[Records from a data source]
◆ ◆ ◆ ◆ ◆ ◆ ◆

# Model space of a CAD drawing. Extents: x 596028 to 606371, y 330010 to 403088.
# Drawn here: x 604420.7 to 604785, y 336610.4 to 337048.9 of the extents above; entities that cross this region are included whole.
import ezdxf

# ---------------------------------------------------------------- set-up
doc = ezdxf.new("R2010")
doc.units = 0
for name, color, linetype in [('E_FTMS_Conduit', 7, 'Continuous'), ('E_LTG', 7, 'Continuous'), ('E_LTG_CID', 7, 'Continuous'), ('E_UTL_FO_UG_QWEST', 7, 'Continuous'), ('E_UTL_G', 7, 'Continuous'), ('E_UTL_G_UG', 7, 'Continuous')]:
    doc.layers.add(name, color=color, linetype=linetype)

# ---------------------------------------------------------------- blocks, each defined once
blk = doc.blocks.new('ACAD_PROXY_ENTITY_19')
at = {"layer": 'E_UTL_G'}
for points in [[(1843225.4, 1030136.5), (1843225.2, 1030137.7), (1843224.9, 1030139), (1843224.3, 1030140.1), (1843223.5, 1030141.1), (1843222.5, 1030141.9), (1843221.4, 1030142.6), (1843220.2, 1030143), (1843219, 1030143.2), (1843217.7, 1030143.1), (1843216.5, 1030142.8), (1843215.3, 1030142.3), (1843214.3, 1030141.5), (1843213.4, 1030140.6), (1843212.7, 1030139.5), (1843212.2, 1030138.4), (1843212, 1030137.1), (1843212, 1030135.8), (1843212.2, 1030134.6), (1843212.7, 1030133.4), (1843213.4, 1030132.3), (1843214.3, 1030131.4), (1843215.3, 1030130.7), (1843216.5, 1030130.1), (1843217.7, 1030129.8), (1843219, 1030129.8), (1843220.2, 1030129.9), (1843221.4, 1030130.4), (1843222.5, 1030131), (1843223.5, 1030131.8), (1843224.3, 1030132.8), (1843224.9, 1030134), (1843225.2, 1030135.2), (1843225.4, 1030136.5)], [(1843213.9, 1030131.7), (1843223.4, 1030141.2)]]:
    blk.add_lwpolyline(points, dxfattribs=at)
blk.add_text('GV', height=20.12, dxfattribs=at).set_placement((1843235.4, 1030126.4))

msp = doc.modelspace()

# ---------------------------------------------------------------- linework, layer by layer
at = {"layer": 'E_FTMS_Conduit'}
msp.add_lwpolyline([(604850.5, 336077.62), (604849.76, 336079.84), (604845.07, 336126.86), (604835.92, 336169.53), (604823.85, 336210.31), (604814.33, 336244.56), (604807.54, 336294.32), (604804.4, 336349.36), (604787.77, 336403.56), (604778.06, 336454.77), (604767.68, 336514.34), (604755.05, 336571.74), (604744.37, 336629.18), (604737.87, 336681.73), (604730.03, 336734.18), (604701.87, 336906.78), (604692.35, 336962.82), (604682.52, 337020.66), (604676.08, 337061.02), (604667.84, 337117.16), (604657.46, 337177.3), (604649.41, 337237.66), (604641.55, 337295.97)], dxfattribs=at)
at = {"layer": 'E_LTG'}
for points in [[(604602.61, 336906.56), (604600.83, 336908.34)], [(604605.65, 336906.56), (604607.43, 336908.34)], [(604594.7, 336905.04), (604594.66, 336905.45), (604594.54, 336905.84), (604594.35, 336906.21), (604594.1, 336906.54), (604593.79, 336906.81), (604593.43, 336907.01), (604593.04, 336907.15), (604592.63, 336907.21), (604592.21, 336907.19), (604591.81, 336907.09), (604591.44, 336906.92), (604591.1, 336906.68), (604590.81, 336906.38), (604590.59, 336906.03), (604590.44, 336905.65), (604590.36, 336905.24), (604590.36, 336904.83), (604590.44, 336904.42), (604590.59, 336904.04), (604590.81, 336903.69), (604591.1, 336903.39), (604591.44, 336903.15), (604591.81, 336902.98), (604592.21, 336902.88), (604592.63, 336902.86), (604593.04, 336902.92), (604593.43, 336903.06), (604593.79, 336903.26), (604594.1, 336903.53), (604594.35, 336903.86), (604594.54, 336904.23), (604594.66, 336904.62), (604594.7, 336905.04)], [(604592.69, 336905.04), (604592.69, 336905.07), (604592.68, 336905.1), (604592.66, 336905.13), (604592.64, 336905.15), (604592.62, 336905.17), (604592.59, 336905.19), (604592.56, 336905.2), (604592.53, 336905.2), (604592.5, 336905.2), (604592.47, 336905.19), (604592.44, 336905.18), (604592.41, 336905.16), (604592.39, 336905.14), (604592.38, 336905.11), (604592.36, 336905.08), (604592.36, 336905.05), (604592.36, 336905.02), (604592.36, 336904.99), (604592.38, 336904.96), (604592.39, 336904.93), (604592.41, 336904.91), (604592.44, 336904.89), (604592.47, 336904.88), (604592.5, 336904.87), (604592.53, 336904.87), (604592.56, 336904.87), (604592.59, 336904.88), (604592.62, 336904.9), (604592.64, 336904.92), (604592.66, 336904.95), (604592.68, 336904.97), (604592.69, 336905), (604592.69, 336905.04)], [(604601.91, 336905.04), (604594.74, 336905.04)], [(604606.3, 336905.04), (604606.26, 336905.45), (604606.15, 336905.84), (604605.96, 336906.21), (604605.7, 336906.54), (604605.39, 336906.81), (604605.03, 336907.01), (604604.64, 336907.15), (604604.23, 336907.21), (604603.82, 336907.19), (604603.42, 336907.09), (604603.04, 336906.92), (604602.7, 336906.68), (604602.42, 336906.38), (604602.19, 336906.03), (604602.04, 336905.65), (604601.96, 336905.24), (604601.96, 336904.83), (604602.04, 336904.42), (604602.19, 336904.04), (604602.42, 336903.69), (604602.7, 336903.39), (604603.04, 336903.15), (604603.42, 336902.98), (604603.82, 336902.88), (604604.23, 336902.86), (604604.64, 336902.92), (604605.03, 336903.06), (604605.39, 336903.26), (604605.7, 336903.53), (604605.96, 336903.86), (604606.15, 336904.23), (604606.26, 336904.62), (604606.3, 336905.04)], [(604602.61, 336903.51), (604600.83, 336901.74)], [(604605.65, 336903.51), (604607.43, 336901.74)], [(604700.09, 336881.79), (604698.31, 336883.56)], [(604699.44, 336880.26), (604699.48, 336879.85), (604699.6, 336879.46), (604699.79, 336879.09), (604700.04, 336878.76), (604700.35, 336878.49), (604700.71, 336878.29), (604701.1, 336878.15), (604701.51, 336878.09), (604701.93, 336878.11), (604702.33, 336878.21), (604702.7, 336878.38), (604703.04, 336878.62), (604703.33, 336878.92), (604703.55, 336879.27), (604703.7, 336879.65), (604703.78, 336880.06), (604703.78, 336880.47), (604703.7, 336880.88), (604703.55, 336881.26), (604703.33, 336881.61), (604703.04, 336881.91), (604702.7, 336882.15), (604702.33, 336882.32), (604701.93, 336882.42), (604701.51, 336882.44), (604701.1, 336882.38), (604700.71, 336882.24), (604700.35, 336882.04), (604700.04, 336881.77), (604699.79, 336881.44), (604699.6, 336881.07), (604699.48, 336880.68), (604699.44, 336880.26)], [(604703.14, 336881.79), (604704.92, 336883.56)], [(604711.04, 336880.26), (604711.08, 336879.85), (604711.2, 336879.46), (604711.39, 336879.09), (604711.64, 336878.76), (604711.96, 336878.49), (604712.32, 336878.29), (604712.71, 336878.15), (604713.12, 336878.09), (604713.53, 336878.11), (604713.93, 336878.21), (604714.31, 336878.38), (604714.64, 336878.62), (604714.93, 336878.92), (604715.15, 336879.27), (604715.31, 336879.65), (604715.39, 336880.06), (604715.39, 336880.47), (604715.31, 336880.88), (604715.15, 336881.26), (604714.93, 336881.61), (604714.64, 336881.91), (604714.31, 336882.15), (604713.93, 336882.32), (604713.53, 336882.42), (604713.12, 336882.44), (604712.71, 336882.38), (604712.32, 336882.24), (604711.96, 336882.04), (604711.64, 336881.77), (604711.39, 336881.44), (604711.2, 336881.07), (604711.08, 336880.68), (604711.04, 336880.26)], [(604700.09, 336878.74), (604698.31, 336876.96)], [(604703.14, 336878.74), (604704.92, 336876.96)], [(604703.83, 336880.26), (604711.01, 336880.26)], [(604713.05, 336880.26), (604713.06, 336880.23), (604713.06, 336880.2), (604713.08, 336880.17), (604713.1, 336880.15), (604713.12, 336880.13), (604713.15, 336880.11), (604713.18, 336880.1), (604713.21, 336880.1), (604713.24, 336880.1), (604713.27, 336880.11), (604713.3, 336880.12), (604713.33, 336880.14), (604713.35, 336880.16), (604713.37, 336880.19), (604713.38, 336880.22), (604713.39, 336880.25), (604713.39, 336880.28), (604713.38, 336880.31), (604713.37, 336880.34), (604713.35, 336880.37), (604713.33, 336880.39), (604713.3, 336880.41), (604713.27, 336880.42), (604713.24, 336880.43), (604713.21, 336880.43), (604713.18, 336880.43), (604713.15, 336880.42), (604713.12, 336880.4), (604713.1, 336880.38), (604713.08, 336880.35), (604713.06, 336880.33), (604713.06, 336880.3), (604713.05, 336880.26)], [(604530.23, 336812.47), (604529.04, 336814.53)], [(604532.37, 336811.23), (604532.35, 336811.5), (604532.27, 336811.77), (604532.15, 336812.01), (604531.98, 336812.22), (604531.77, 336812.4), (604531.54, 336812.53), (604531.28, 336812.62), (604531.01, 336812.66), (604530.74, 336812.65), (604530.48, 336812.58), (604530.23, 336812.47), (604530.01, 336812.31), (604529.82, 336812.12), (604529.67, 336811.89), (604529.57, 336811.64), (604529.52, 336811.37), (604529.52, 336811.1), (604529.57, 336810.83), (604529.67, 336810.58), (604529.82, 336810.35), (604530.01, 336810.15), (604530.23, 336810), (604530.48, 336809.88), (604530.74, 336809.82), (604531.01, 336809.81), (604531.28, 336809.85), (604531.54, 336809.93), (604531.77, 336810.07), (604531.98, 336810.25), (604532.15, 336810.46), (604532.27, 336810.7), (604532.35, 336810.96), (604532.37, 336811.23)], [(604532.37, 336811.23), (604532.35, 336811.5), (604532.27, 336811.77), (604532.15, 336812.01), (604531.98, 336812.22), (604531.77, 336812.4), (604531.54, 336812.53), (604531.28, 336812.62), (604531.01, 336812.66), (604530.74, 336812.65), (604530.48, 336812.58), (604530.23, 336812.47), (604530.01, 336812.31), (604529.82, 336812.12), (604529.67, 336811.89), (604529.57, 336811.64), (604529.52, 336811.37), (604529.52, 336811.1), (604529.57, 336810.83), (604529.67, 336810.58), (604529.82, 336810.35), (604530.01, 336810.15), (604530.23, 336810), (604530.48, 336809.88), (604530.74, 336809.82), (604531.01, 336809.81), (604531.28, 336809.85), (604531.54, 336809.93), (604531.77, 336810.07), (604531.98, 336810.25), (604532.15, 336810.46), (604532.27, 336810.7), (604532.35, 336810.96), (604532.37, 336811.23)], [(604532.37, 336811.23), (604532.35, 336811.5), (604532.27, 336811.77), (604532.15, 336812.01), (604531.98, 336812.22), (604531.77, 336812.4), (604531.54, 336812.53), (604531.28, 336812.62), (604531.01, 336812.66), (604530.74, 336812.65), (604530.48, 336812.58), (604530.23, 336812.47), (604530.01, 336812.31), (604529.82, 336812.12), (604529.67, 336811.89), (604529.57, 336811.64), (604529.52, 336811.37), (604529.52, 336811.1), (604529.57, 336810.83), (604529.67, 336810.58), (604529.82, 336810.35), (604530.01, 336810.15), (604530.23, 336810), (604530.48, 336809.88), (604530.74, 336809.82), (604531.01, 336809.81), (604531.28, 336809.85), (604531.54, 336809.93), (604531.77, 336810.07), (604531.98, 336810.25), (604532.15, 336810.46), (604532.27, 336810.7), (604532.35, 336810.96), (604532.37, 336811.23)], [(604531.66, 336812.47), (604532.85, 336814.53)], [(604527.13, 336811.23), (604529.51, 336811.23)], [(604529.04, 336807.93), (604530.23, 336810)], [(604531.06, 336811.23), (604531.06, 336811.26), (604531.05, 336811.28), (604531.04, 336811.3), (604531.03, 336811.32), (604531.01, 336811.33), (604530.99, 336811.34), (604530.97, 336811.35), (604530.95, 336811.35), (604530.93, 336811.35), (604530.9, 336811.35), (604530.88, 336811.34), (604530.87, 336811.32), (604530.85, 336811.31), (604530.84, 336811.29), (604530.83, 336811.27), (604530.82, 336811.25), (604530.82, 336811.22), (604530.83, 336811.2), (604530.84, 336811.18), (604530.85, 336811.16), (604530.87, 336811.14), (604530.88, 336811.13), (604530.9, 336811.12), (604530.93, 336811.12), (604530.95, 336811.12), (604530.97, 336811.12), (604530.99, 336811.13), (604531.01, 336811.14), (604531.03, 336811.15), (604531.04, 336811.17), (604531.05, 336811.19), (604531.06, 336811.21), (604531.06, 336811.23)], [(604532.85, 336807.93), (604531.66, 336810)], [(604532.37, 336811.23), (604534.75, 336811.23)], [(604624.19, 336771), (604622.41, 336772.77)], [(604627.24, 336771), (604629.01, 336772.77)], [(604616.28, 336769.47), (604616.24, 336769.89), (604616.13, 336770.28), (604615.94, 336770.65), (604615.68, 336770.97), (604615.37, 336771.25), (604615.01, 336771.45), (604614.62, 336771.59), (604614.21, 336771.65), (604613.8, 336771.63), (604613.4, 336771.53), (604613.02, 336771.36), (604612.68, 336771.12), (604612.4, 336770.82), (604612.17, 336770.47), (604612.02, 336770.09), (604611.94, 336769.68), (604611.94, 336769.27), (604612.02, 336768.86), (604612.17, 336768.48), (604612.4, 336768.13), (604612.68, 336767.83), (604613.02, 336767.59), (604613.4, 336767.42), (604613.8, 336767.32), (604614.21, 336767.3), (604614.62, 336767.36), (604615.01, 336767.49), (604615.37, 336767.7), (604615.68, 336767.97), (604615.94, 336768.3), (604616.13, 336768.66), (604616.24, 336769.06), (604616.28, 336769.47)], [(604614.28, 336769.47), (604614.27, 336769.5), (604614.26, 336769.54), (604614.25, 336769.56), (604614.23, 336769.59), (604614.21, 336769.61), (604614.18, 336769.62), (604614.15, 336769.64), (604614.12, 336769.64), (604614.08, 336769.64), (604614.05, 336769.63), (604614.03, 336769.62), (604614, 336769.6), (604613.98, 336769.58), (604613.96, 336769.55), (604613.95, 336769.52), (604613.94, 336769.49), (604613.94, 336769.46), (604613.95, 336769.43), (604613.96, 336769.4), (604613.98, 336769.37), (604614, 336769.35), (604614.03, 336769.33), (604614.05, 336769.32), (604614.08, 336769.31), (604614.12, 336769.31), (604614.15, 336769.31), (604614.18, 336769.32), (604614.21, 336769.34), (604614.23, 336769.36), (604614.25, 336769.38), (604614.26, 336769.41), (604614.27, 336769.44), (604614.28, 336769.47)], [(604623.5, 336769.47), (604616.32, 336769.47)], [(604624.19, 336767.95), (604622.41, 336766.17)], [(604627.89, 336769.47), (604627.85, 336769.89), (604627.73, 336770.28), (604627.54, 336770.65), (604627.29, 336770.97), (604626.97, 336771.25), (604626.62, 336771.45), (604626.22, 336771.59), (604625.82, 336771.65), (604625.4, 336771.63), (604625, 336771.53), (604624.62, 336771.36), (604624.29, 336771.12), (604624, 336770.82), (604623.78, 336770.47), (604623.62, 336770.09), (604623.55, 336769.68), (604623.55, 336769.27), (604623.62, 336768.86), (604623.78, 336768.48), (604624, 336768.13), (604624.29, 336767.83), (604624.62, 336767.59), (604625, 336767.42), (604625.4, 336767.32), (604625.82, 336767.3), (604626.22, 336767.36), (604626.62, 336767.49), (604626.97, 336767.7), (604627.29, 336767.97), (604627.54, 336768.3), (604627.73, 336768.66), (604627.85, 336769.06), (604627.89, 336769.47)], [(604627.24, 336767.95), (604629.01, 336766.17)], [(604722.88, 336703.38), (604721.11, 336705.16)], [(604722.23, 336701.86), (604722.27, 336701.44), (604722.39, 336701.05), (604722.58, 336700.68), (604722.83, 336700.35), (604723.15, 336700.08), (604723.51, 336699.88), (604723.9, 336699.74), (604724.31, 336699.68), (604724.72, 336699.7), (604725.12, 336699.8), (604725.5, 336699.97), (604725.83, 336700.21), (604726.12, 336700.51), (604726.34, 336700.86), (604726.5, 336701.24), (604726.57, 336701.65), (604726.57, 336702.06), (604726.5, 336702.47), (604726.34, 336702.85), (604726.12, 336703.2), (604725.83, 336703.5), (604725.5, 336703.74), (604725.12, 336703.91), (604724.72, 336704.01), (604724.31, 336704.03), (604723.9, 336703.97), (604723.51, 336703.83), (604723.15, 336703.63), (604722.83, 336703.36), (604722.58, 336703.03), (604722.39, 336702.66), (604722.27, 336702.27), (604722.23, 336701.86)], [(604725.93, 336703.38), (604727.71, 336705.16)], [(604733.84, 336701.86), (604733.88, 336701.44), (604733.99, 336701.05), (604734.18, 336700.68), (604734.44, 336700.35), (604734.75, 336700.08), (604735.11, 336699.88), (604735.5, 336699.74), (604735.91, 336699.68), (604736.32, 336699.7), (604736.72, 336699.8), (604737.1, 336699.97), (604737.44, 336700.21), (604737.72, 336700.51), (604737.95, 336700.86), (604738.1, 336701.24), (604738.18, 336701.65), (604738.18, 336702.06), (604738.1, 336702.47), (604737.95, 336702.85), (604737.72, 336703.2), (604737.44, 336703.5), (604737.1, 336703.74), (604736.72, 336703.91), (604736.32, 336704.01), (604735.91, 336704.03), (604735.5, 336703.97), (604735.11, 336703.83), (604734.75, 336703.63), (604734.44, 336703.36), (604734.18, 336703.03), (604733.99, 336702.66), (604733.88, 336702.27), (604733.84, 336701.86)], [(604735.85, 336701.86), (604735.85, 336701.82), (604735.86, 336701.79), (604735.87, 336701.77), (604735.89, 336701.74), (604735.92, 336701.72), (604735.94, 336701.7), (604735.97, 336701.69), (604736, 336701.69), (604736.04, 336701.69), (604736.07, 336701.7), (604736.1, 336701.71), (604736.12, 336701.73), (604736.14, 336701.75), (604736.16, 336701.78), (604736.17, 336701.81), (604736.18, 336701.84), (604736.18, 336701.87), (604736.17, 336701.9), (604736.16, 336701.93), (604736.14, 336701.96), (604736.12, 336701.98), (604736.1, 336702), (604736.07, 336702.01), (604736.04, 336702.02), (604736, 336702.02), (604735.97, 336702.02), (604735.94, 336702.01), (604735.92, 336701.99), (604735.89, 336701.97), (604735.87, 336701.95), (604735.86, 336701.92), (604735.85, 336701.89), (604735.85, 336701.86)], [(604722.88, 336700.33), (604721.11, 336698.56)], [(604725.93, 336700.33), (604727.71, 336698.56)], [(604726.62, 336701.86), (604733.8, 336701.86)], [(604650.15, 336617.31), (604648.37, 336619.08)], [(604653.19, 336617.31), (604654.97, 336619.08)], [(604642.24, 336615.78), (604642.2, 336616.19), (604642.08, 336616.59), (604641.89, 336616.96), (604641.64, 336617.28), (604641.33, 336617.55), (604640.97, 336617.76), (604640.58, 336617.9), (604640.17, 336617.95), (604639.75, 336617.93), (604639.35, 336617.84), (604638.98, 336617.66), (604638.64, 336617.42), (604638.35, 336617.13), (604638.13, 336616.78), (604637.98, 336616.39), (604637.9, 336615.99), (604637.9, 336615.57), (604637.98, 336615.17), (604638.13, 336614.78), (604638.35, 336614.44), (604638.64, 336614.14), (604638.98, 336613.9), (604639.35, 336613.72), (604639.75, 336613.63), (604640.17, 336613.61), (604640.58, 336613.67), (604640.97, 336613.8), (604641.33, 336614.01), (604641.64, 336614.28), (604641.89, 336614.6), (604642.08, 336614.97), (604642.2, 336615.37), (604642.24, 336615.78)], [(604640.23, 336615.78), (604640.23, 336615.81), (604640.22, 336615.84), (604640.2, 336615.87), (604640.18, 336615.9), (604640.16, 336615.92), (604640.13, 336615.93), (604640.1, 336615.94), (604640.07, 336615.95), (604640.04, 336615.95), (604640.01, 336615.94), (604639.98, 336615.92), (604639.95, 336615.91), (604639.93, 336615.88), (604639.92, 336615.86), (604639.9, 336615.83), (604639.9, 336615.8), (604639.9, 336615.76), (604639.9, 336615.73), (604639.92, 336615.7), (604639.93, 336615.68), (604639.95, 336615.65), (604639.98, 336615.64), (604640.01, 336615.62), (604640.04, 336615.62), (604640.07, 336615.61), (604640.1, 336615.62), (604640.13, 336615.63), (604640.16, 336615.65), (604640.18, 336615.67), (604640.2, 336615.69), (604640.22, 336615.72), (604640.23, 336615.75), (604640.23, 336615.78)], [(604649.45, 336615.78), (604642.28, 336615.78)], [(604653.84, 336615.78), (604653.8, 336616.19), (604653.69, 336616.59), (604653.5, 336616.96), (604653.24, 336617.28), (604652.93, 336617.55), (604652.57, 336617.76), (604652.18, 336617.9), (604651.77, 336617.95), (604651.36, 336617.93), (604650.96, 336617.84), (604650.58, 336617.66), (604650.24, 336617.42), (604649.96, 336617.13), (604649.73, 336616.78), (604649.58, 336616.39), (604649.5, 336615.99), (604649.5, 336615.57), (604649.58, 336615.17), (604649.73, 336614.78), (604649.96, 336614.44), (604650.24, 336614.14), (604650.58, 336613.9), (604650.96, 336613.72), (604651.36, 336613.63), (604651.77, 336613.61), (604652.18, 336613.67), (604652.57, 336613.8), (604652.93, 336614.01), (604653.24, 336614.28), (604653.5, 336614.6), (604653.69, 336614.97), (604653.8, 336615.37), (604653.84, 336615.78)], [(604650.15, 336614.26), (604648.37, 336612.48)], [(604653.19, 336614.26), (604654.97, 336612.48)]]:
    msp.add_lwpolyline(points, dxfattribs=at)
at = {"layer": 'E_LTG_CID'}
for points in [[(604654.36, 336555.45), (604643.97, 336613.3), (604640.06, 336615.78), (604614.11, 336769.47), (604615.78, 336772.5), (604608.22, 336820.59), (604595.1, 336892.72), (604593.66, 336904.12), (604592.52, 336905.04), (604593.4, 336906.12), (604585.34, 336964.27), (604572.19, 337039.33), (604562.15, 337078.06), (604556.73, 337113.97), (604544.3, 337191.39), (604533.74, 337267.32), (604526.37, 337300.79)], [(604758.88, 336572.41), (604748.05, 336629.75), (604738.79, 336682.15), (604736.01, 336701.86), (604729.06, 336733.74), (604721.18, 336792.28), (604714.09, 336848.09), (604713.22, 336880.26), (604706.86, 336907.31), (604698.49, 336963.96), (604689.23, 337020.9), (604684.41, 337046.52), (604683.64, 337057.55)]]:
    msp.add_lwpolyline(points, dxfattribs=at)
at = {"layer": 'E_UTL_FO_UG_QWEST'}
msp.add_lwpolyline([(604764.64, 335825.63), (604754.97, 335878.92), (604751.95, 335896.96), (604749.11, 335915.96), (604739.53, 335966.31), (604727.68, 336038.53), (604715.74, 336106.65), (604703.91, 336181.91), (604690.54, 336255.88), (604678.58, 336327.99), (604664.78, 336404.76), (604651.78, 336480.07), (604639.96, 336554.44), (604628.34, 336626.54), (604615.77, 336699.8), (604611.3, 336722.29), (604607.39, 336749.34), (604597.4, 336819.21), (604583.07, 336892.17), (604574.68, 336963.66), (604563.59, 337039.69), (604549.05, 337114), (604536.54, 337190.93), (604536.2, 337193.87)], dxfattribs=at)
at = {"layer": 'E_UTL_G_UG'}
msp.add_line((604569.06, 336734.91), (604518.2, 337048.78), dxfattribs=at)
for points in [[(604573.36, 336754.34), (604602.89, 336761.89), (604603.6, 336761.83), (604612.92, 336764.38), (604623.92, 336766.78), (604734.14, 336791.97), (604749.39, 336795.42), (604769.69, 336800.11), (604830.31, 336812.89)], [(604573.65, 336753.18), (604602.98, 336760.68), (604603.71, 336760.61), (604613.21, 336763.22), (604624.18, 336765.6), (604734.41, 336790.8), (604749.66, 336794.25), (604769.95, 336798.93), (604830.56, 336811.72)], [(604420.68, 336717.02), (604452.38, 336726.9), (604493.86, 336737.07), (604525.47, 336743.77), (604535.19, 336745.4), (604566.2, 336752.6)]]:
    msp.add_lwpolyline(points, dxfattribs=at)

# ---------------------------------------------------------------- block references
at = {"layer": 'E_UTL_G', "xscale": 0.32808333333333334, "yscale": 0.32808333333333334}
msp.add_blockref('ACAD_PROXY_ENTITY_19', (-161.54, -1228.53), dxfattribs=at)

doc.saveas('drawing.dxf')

◆ ◆ ◆ ◆ ◆ ◆ ◆

How many lines in the records above hold the string "blocks"? Only the number is wanted.

Answer section ▸
2